In addition, a plaintiff must allege that each defendant personally participated in the conduct alleged to have violated due process. Jones v. Williams, 297 F.3d 930, 934 (9th Cir. 2002). And where, as here, a plaintiff seeks to impose liability on a municipality such as a county, the plaintiff must allege that (1) the plaintiff possessed a constitutional right of which he was deprived; (2) that the municipality had a policy; (3) that this policy amounts to deliberate indifference to the plaintiff's constitutional right; and (4) that the policy is the moving force behind the constitutional violation. Dougherty v. City of Covina, 654 F.3d 892, 900 (9th Cir. 2011); Dkt. No. 85 at 11. Municipal liability may be shown when an employee who committed the constitutional violation was “acting pursuant to an expressly adopted official policy, longstanding practice or custom, or as a final policymaker.” Thomas v. Cnty. of Riverside, 763 F.3d 1167, 1170 (9th Cir. 2014). Municipal liability arising from an alleged failure to train jail staff requires allegations “that ‘the need for more or different training is so obvious, and the inadequacy so likely to result in the violation of constitutional rights, that the policymakers of the city can reasonably be said to have been deliberately indifferent to the need.'” Rodriguez v. City of Los Angeles, 891 F.3d 776, 802 (9th Cir. 2018) (quoting City of Canton v. Harris, 489 U.S. 378, 390 (1989)).

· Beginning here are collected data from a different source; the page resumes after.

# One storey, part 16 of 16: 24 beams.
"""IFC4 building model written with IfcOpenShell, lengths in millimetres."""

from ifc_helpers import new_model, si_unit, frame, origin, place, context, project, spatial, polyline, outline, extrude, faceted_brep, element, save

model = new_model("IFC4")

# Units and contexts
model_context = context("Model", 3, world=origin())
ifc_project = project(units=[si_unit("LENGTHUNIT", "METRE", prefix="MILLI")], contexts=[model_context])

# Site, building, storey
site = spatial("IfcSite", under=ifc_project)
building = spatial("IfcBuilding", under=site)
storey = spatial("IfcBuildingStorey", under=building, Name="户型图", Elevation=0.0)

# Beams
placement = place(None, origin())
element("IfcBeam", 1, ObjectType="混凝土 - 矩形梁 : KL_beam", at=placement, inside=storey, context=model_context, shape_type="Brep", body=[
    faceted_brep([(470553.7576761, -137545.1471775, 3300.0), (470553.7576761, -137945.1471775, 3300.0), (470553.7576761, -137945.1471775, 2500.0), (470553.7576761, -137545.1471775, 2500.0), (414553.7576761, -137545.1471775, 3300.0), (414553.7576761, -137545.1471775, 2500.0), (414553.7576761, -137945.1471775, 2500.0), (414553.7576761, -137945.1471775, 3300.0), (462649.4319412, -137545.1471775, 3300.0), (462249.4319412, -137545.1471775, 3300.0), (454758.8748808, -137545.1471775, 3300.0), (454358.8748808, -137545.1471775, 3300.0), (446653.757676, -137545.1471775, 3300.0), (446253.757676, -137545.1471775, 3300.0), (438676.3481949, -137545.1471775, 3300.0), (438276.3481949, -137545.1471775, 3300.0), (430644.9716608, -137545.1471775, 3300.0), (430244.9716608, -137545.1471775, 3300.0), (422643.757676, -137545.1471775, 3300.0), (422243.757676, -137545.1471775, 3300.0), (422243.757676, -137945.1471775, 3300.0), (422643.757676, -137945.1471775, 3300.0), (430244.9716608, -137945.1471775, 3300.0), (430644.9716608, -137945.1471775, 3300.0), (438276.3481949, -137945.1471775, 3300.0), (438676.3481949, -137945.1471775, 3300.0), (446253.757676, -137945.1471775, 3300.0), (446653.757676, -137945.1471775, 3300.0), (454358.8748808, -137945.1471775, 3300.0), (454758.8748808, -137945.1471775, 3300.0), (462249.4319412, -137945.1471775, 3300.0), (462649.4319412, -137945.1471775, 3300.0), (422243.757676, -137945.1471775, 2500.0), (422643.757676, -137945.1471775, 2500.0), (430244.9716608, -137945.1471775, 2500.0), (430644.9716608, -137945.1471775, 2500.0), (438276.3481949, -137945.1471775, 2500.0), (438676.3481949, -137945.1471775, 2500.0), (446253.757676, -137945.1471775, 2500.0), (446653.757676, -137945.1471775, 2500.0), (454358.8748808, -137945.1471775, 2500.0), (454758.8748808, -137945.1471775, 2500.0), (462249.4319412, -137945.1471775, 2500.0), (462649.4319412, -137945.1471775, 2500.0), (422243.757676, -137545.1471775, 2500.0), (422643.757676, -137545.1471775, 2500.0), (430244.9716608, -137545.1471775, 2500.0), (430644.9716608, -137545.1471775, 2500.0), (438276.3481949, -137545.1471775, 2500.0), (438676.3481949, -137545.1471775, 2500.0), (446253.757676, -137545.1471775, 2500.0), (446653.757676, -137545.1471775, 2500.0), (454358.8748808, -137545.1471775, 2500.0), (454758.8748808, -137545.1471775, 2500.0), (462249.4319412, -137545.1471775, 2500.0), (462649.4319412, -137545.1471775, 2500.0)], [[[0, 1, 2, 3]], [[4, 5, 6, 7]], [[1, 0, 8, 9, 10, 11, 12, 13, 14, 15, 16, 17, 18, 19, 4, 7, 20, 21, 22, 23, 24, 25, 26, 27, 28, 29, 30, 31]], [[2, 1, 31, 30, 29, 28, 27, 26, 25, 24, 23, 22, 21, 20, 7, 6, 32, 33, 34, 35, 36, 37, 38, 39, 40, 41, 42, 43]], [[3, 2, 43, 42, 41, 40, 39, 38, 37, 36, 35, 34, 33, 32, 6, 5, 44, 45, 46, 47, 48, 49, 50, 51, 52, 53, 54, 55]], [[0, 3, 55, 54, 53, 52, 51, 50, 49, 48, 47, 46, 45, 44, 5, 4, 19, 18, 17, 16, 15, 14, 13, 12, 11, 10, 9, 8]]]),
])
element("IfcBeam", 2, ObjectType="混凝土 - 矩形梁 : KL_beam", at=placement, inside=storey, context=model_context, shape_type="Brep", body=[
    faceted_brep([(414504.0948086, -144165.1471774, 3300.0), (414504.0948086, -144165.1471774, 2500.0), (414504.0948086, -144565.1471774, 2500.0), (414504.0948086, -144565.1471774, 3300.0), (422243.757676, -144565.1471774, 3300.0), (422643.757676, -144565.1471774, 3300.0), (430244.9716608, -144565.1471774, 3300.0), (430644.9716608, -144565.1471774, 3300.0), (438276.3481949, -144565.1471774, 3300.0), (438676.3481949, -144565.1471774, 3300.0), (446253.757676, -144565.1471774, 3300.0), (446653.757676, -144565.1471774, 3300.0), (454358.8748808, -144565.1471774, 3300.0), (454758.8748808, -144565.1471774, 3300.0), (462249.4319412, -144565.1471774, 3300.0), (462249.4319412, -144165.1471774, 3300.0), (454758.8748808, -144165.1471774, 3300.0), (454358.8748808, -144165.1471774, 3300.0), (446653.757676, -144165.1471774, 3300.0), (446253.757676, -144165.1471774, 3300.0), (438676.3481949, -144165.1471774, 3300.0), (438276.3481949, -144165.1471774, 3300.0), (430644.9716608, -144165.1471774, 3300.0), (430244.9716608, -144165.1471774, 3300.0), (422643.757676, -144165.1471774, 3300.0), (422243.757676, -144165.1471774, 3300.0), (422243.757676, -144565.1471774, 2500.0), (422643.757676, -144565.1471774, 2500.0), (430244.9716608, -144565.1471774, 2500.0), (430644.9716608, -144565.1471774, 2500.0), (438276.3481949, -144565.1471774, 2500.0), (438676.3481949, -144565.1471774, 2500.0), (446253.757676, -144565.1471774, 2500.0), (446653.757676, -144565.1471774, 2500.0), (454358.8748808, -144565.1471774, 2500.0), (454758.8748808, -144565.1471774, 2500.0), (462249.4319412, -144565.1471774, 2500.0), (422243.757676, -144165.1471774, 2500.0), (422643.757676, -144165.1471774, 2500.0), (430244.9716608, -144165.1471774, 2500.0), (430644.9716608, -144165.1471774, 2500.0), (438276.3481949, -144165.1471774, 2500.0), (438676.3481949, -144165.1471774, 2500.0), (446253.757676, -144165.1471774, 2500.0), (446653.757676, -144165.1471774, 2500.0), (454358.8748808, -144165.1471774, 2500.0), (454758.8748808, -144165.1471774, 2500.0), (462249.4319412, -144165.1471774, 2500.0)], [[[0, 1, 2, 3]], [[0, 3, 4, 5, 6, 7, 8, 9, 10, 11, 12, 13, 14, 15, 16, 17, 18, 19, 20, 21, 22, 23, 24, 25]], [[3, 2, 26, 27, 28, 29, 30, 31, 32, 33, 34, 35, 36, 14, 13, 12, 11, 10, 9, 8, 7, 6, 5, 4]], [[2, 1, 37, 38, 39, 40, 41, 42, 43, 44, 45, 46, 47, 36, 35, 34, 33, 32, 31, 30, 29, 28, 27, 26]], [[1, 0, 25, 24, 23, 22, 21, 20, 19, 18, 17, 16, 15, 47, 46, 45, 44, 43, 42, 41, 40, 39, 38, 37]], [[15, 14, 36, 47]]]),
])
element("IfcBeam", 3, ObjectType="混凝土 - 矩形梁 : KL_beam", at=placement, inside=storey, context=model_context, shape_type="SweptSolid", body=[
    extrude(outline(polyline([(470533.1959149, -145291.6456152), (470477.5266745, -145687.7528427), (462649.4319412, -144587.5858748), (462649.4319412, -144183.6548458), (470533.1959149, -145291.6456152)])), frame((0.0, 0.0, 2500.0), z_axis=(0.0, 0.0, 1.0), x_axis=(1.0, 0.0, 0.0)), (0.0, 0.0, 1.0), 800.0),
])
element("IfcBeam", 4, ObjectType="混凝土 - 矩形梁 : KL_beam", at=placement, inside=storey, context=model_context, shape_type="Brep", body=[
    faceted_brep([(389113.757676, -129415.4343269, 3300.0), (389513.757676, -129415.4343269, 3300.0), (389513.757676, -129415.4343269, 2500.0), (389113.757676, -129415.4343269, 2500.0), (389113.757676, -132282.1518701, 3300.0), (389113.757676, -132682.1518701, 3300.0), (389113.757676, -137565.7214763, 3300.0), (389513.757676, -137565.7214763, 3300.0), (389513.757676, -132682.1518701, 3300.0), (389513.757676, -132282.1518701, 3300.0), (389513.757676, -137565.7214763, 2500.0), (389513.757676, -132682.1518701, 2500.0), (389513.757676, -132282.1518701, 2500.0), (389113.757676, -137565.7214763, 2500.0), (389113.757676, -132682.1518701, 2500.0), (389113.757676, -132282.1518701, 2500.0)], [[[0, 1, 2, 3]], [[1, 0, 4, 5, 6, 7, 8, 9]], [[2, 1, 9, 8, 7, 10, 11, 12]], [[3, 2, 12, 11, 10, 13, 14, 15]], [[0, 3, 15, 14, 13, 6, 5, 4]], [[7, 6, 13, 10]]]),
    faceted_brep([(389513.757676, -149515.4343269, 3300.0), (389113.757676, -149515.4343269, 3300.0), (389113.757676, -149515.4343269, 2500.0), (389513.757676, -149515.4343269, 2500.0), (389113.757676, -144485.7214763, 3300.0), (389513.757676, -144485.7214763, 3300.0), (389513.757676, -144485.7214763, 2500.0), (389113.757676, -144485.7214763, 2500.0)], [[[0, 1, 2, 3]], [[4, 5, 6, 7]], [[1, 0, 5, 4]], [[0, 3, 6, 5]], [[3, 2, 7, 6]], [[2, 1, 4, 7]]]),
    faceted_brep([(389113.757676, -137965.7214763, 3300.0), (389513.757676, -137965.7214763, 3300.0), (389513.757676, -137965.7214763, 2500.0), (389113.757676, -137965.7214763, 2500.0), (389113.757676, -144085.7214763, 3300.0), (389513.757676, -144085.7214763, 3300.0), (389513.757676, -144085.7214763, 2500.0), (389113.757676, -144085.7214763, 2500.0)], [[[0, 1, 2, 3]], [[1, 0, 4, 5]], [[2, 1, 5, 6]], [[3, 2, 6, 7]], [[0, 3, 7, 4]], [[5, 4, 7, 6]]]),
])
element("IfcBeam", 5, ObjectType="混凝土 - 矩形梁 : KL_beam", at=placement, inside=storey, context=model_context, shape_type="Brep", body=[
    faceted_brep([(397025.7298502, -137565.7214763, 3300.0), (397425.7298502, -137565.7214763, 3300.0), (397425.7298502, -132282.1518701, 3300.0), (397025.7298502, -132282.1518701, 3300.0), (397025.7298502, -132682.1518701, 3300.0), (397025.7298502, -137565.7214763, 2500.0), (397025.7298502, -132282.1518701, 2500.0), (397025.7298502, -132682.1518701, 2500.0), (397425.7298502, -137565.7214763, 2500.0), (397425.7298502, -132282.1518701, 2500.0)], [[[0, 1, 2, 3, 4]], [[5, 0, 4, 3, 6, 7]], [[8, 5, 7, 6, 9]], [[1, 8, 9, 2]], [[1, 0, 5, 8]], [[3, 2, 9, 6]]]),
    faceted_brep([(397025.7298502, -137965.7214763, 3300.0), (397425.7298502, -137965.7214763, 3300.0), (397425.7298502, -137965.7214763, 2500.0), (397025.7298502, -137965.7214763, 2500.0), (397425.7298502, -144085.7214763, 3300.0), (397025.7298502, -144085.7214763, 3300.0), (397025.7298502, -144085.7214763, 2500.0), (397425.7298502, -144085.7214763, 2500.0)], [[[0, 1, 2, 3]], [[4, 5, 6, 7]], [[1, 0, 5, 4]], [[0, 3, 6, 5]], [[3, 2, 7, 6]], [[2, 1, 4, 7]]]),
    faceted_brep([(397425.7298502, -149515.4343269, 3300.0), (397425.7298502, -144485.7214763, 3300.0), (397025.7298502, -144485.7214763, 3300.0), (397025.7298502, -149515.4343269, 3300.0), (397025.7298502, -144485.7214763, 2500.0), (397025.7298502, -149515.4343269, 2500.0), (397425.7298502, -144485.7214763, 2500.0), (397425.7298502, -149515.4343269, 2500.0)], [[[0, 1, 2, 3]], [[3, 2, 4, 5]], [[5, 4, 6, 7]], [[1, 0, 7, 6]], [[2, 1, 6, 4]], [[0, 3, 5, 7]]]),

As Judge Fricke observed, the Pierce County Jail is not a legal entity capable of being sued under Section 1983, and the proper government defendant would be Pierce County. Dkt. No. 85 at 9. Furthermore, Mr. Tabb has not adequately alleged that each individual defendant's conduct meets the four factors required to establish deliberate indifference. Id. at 13; see also Dkt. No. 15 at 7 (vaguely alleging medical negligence by “staff at Pierce County jail”); Burghart v. S. Corr. Entity, C22-1248-TSZ, 2023 WL 1766258, at *3-4 (W.D. Wash. Feb. 3, 2023) (explaining the elements of a Section 1983 claim against individuals and against an entity).

2. Count II: Violation of the ADA

The hearing aid-related allegations in Mr. Tabb's amended complaint do not state a claim under the ADA or Section 1983 against the County Defendants. To state a claim of disability discrimination under Title II of the ADA, the plaintiff must allege four elements:

(1) [T]he plaintiff is an individual with a disability; (2) the plaintiff is otherwise qualified to participate in or receive the benefit of some public entity's services, programs, or activities; (3) the plaintiff was either excluded from participation in or denied the benefits of the public entity's services, programs, or activities, or was otherwise discriminated against by the public entity; and (4) such exclusion, denial of benefits, or discrimination was by reason of the plaintiff's disability.
Dkt. No. 85 at 6-7 (quoting Thompson v. Davis, 295 F.3d 890, 895 (9th Cir. 2002), superseded by statute on other grounds, ADA Amendments Act of 2008, Pub. L. No. 110-325, §§ 4(a), 8, 122 Stat. 3555); see also Hacker v. Dart, 62 F.4th 1073, 1085 (7th Cir. 2023). As Judge Fricke observed, Mr. Tabb has not alleged facts “showing that the Pierce County Jail discriminated against him on the basis of his alleged disability[.]” Dkt. No. 85 at 7.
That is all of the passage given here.